Abdelmadjid Tebboune lors d'une conférence de presse à Alger, le 24 novembre 2019. © Fateh Guidoum/AP/SIPA

Abdelmadjid Tebboune lors d'une conférence de presse à Alger, le 24 novembre 2019. © Fateh Guidoum/AP/SIPA

En Algérie aussi, l’initiative constitutionnelle est comme suspendue. Annoncée pour mi-mars, une première mouture de réforme a finalement été remise au chef de l’État Abdelmadjid Tebboune, le 24 mars. Sa publication, en revanche, est reportée « jusqu’à ce que les conditions s’améliorent », pour reprendre les termes du communiqué présidentiel.

Depuis que la crise du Covid-19 s’est intensifiée, ce projet central d’Abdelmadjid Tebboune a été mis en pause. « Vu le contexte que traverse le pays en affrontant la pandémie du coronavirus, la distribution du document aux personnalités nationales, aux chefs de partis politiques, aux syndicats, aux associations, aux organisations de la société civile et aux médias a été reportée », note le communiqué. Ni la révision de la Constitution ni celle de la loi électorale – autre chantier d’ampleur – n’ont été mentionnées lors des deux derniers conseils des ministres, consacrés en majorité à la gestion de la pandémie.

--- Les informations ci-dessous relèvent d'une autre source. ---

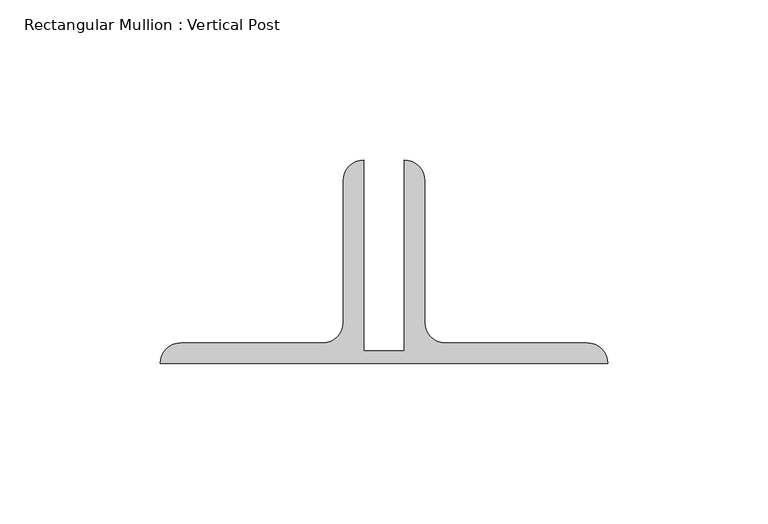
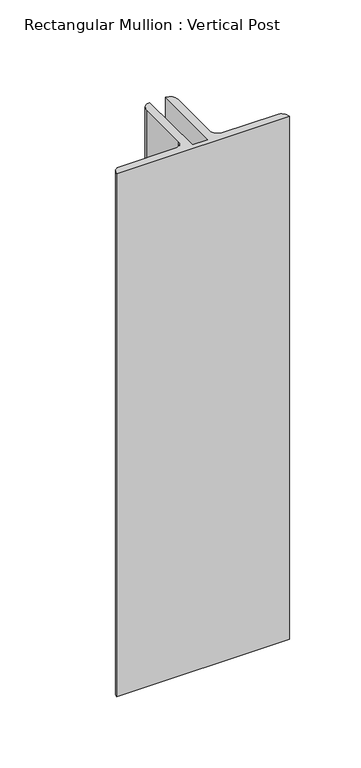
"""IFC4 building model written with IfcOpenShell, lengths in millimetres: member geometry, Rectangular Mullion : Vertical Post."""

import ifcopenshell
import ifcopenshell.guid

model = None  # the IFC model being written
_history = None  # IfcOwnerHistory: only IFC2X3 demands one
_inside = {}  # id of a spatial element -> (the spatial element, [elements in it])
_under = {}  # id of a project, library or spatial element -> (it, [spatial elements below it])
_declared = {}  # id of a project -> (the project, [libraries it declares])
_typed = {}  # id of a type object -> (the type object, [elements of that type])
_made_of = {}  # id of a material, layer set ... -> (it, [elements and type objects made of it])


def new_model(schema):
    """Start an empty IFC model of exactly this schema.

    Asked for "IFC4X3", IfcOpenShell would pick the latest addendum, in which some entities
    have other attributes; the version numbers below select the first issue.
    IFC2X3 requires an IfcOwnerHistory on every rooted entity: one is made here for all.
    """
    global model, _history
    if schema == "IFC4X3":
        model = ifcopenshell.file(schema_version=(4, 3, 0, 0))
    else:
        model = ifcopenshell.file(schema=schema)
    _inside.clear()
    _under.clear()
    _declared.clear()
    _typed.clear()
    _made_of.clear()
    _history = None
    if model.schema == "IFC2X3":
        org = make("IfcOrganization", Name="unknown")
        user = make(
            "IfcPersonAndOrganization",
            ThePerson=make("IfcPerson", FamilyName="unknown"),
            TheOrganization=org,
        )
        app = make(
            "IfcApplication",
            ApplicationDeveloper=org,
            Version="unknown",
            ApplicationFullName="unknown",
            ApplicationIdentifier="unknown",
        )
        _history = make(
            "IfcOwnerHistory",
            OwningUser=user,
            OwningApplication=app,
            ChangeAction="ADDED",
            CreationDate=0,
        )
    return model


def make(cls, **values):
    """One entity of the class cls with the attributes given. An attribute that is None is left unset."""
    return model.create_entity(
        cls, **{name: value for name, value in values.items() if value is not None}
    )


def rooted(cls, **values):
    """An entity with a GlobalId (a new one), such as an element, a storey or a relation."""
    return make(cls, GlobalId=ifcopenshell.guid.new(), OwnerHistory=_history, **values)


def si_unit(unit_type, name, prefix=None):
    """IfcSIUnit, for example si_unit("LENGTHUNIT", "METRE", prefix="MILLI")."""
    return make("IfcSIUnit", UnitType=unit_type, Prefix=prefix, Name=name)


def assignment(units):
    """IfcUnitAssignment: the units of a project."""
    return None if units is None else make("IfcUnitAssignment", Units=units)


def point(xyz):
    """IfcCartesianPoint."""
    return None if xyz is None else make("IfcCartesianPoint", Coordinates=xyz)


def direction(xyz):
    """IfcDirection."""
    return None if xyz is None else make("IfcDirection", DirectionRatios=xyz)


def frame(location, z_axis=None, x_axis=None):
    """IfcAxis2Placement3D, a coordinate frame: its origin and axes. An axis left out is left unset."""
    return make(
        "IfcAxis2Placement3D",
        Location=point(location),
        Axis=direction(z_axis),
        RefDirection=direction(x_axis),
    )


def frame_2d(location, x_axis=None):
    """IfcAxis2Placement2D, a coordinate frame in the plane: its origin and x axis."""
    return make(
        "IfcAxis2Placement2D", Location=point(location), RefDirection=direction(x_axis)
    )


def origin():
    """The frame at (0, 0, 0) with its axes left unset."""
    return frame((0.0, 0.0, 0.0))


def place(relative_to, where):
    """IfcLocalPlacement: puts the frame where relative to a parent placement (None: the world)."""
    return make(
        "IfcLocalPlacement", PlacementRelTo=relative_to, RelativePlacement=where
    )


def context(
    kind, dimensions, precision=None, world=None, true_north=None, identifier=None
):
    """IfcGeometricRepresentationContext, for example the 3D "Model" context."""
    return make(
        "IfcGeometricRepresentationContext",
        ContextIdentifier=identifier,
        ContextType=kind,
        CoordinateSpaceDimension=dimensions,
        Precision=precision,
        WorldCoordinateSystem=world,
        TrueNorth=true_north,
    )


def project(units=None, contexts=None):
    """IfcProject with its units and contexts."""
    return rooted(
        "IfcProject",
        Name="project",
        RepresentationContexts=contexts,
        UnitsInContext=assignment(units),
    )


def spatial(cls, under=None, at=None, **own):
    """A site, building, storey or space (cls), placed at a placement, below another one or the project."""
    s = rooted(cls, ObjectPlacement=at, **own)
    if under is not None:
        _under.setdefault(under.id(), (under, []))[1].append(s)
    return s


def polyline(points):
    """IfcPolyline through the points."""
    return make("IfcPolyline", Points=[point(p) for p in points])


def circle_curve(where, radius):
    """IfcCircle in the frame where."""
    return make("IfcCircle", Position=where, Radius=radius)


def trimmed(basis, trim1, trim2, sense, master):
    """IfcTrimmedCurve: the piece of a basis curve between two trims."""
    return make(
        "IfcTrimmedCurve",
        BasisCurve=basis,
        Trim1=trim1,
        Trim2=trim2,
        SenseAgreement=sense,
        MasterRepresentation=master,
    )


def segment(curve, same_sense, transition):
    """IfcCompositeCurveSegment."""
    return make(
        "IfcCompositeCurveSegment",
        Transition=transition,
        SameSense=same_sense,
        ParentCurve=curve,
    )


def composite_curve(segments, self_intersect=None):
    """IfcCompositeCurve: segments joined end to end."""
    return make("IfcCompositeCurve", Segments=segments, SelfIntersect=self_intersect)


def outline(outer, holes=None, kind="AREA"):
    """IfcArbitraryClosedProfileDef: a profile drawn as a closed curve; with holes, ...WithVoids."""
    if holes is None:
        return make("IfcArbitraryClosedProfileDef", ProfileType=kind, OuterCurve=outer)
    return make(
        "IfcArbitraryProfileDefWithVoids",
        ProfileType=kind,
        OuterCurve=outer,
        InnerCurves=holes,
    )


def extrude(swept, where, along, depth):
    """IfcExtrudedAreaSolid: the profile swept, set in the frame where, extruded along a direction by depth."""
    return make(
        "IfcExtrudedAreaSolid",
        SweptArea=swept,
        Position=where,
        ExtrudedDirection=direction(along),
        Depth=depth,
    )


def shape(context_of_items, identifier, shape_type, items):
    """IfcShapeRepresentation: the items that make up one representation, for example the "Body"."""
    return make(
        "IfcShapeRepresentation",
        ContextOfItems=context_of_items,
        RepresentationIdentifier=identifier,
        RepresentationType=shape_type,
        Items=items,
    )


def source(mapping_origin, context_of_items, identifier, shape_type, items):
    """IfcRepresentationMap: a shape defined once, which mapped items show again and again."""
    return make(
        "IfcRepresentationMap",
        MappingOrigin=mapping_origin,
        MappedRepresentation=shape(context_of_items, identifier, shape_type, items),
    )


def transform(
    local_origin,
    x_axis=None,
    y_axis=None,
    z_axis=None,
    scale=None,
    scale2=None,
    scale3=None,
    uniform=True,
):
    """IfcCartesianTransformationOperator3D, or its non-uniform kind. x_axis, y_axis, z_axis: its Axis1, 2, 3."""
    if uniform:
        return make(
            "IfcCartesianTransformationOperator3D",
            Axis1=direction(x_axis),
            Axis2=direction(y_axis),
            LocalOrigin=point(local_origin),
            Scale=scale,
            Axis3=direction(z_axis),
        )
    return make(
        "IfcCartesianTransformationOperator3DnonUniform",
        Axis1=direction(x_axis),
        Axis2=direction(y_axis),
        LocalOrigin=point(local_origin),
        Scale=scale,
        Axis3=direction(z_axis),
        Scale2=scale2,
        Scale3=scale3,
    )


def mapped(mapping_source, mapping_target):
    """IfcMappedItem: shows the shape of a source again, moved by a transform."""
    return make(
        "IfcMappedItem", MappingSource=mapping_source, MappingTarget=mapping_target
    )


def made_of(thing, what):
    """Note that an element or type object is made of a material, layer set ...; save() writes the relation."""
    if what is not None:
        _made_of.setdefault(what.id(), (what, []))[1].append(thing)
    return thing


def element(
    cls,
    number,
    at=None,
    inside=None,
    cuts=None,
    type_object=None,
    material=None,
    context=None,
    identifier="Body",
    shape_type=None,
    held_by="IfcProductDefinitionShape",
    body=None,
    shapes=None,
    **own,
):
    """One element of the class cls, such as IfcWall. Its Tag is "e" and its number.

    at: its placement. inside: the storey or other place that contains it. cuts: it is an
    opening in that element (IfcRelVoidsElement). A single representation is given by context,
    identifier, shape_type and body (its items); several are given by shapes. held_by: the class
    of the entity that holds the representations. save() writes the other relations.
    """
    e = rooted(cls, Tag="e%d" % number, ObjectPlacement=at, **own)
    if body is not None:
        shapes = [shape(context, identifier, shape_type, body)]
    if shapes is not None:
        e.Representation = make(held_by, Representations=shapes)
    if inside is not None:
        _inside.setdefault(inside.id(), (inside, []))[1].append(e)
    if cuts is not None:
        rooted(
            "IfcRelVoidsElement", RelatingBuildingElement=cuts, RelatedOpeningElement=e
        )
    if type_object is not None:
        _typed.setdefault(type_object.id(), (type_object, []))[1].append(e)
    return made_of(e, material)


def aggregate(whole, parts):
    """IfcRelAggregates: a whole, such as a stair, and the parts it consists of."""
    return rooted("IfcRelAggregates", RelatingObject=whole, RelatedObjects=parts)


def save(model, path):
    """Write the relations noted so far, then the file.

    IfcRelAggregates (storeys below a building ...), IfcRelContainedInSpatialStructure (elements
    in a storey), IfcRelDefinesByType, IfcRelAssociatesMaterial and IfcRelDeclares: one each for
    every whole, place, type object, material and project.
    """
    for whole, parts in _under.values():
        aggregate(whole, parts)
    for where, things in _inside.values():
        rooted(
            "IfcRelContainedInSpatialStructure",
            RelatedElements=things,
            RelatingStructure=where,
        )
    for kind, things in _typed.values():
        rooted("IfcRelDefinesByType", RelatedObjects=things, RelatingType=kind)
    for what, things in _made_of.values():
        rooted("IfcRelAssociatesMaterial", RelatedObjects=things, RelatingMaterial=what)
    for by, libraries in _declared.values():
        rooted("IfcRelDeclares", RelatingContext=by, RelatedDefinitions=libraries)
    model.write(path)


def rectangular_mullion_vertical_post_4fcf061c(model_context):
    return source(origin(), model_context, "Body", "SweptSolid", [
        extrude(outline(composite_curve([segment(polyline([(-6.35, 22.9145205), (6.35, 22.9145205), (6.35, 82.55)]), True, "CONTINUOUS"), segment(trimmed(circle_curve(frame_2d((6.35, 76.2)), 6.35), [point((6.35, 82.55))], [point((12.7, 76.2))], False, "CARTESIAN"), True, "CONTINUOUS"), segment(polyline([(12.7, 76.2), (12.7, 31.75)]), True, "CONTINUOUS"), segment(trimmed(circle_curve(frame_2d((19.05, 31.75)), 6.35), [point((12.7, 31.75))], [point((19.05, 25.4))], True, "CARTESIAN"), True, "CONTINUOUS"), segment(polyline([(19.05, 25.4), (63.5, 25.4)]), True, "CONTINUOUS"), segment(trimmed(circle_curve(frame_2d((63.5, 19.05)), 6.35), [point((63.5, 25.4))], [point((69.85, 19.05))], False, "CARTESIAN"), True, "CONTINUOUS"), segment(polyline([(69.85, 19.05), (-69.85, 19.05)]), True, "CONTINUOUS"), segment(trimmed(circle_curve(frame_2d((-63.5, 19.05)), 6.35), [point((-69.85, 19.05))], [point((-63.5, 25.4))], False, "CARTESIAN"), True, "CONTINUOUS"), segment(polyline([(-63.5, 25.4), (-19.05, 25.4)]), True, "CONTINUOUS"), segment(trimmed(circle_curve(frame_2d((-19.05, 31.75)), 6.35), [point((-19.05, 25.4))], [point((-12.7, 31.75))], True, "CARTESIAN"), True, "CONTINUOUS"), segment(polyline([(-12.7, 31.75), (-12.7, 76.2)]), True, "CONTINUOUS"), segment(trimmed(circle_curve(frame_2d((-6.35, 76.2)), 6.35), [point((-12.7, 76.2))], [point((-6.35, 82.55))], False, "CARTESIAN"), True, "CONTINUOUS"), segment(polyline([(-6.35, 82.55), (-6.35, 22.9145205)]), True, "CONTINUOUS")], self_intersect=False)), frame((0.0, 0.0, -446.7663052), z_axis=(0.0, 0.0, 1.0), x_axis=(1.0, 0.0, 0.0)), (0.0, 0.0, 1.0), 446.7663052),
    ])


if __name__ == "__main__":
    model = new_model("IFC4")
    model_context = context("Model", 3, world=origin())
    ifc_project = project(units=[si_unit("LENGTHUNIT", "METRE", prefix="MILLI")], contexts=[model_context])
    site = spatial("IfcSite", under=ifc_project)
    building = spatial("IfcBuilding", under=site)
    placement = place(None, origin())
    rectangular_mullion_vertical_post_shape = rectangular_mullion_vertical_post_4fcf061c(model_context)
    element("IfcMember", 1, ObjectType="Rectangular Mullion : Vertical Post", at=placement, inside=building, context=model_context, shape_type="MappedRepresentation", body=[
        mapped(rectangular_mullion_vertical_post_shape, transform((0.0, 0.0, 0.0), x_axis=(1.0, 0.0, 0.0), y_axis=(0.0, 1.0, 0.0), z_axis=(0.0, 0.0, 1.0))),
    ])
    save(model, "model.ifc")

# Revit data of these elements
# Type "Rectangular Mullion : Vertical Post"
#   built-in parameter 1007351 = -0.0625 (stored number, unit not read)
#   built-in parameter 1007322 = 0.0126789 (stored number, unit not read)
#   built-in parameter 1007321 = 0.229167 (stored number, unit not read)
#   built-in parameter 1007320 = 0.229167 (stored number, unit not read)
# Element 1 (IfcMember, "Rectangular Mullion : Vertical Post")
#   Materials on its faces: "GATE POST: (2) BACK/BACK GALVANIZED ANGLES"
# Materials
#   "GATE POST: (2) BACK/BACK GALVANIZED ANGLES": class "Unassigned", colour RGB 211 211 211, transparency 0, Cost = 0

Abdelmadjid Tebboune a par ailleurs informé ses ministres lors du conseil du 22 mars de sa décision de reporter l’examen du projet de loi de finances complémentaire jusqu’à « l’évaluation des répercussions » des mesures financières prises récemment et de l’évolution de la situation mondiale, notamment en ce qui concerne les cours des hydrocarbures, le baril se maintenant sous les 30 dollars ces deux dernières semaines.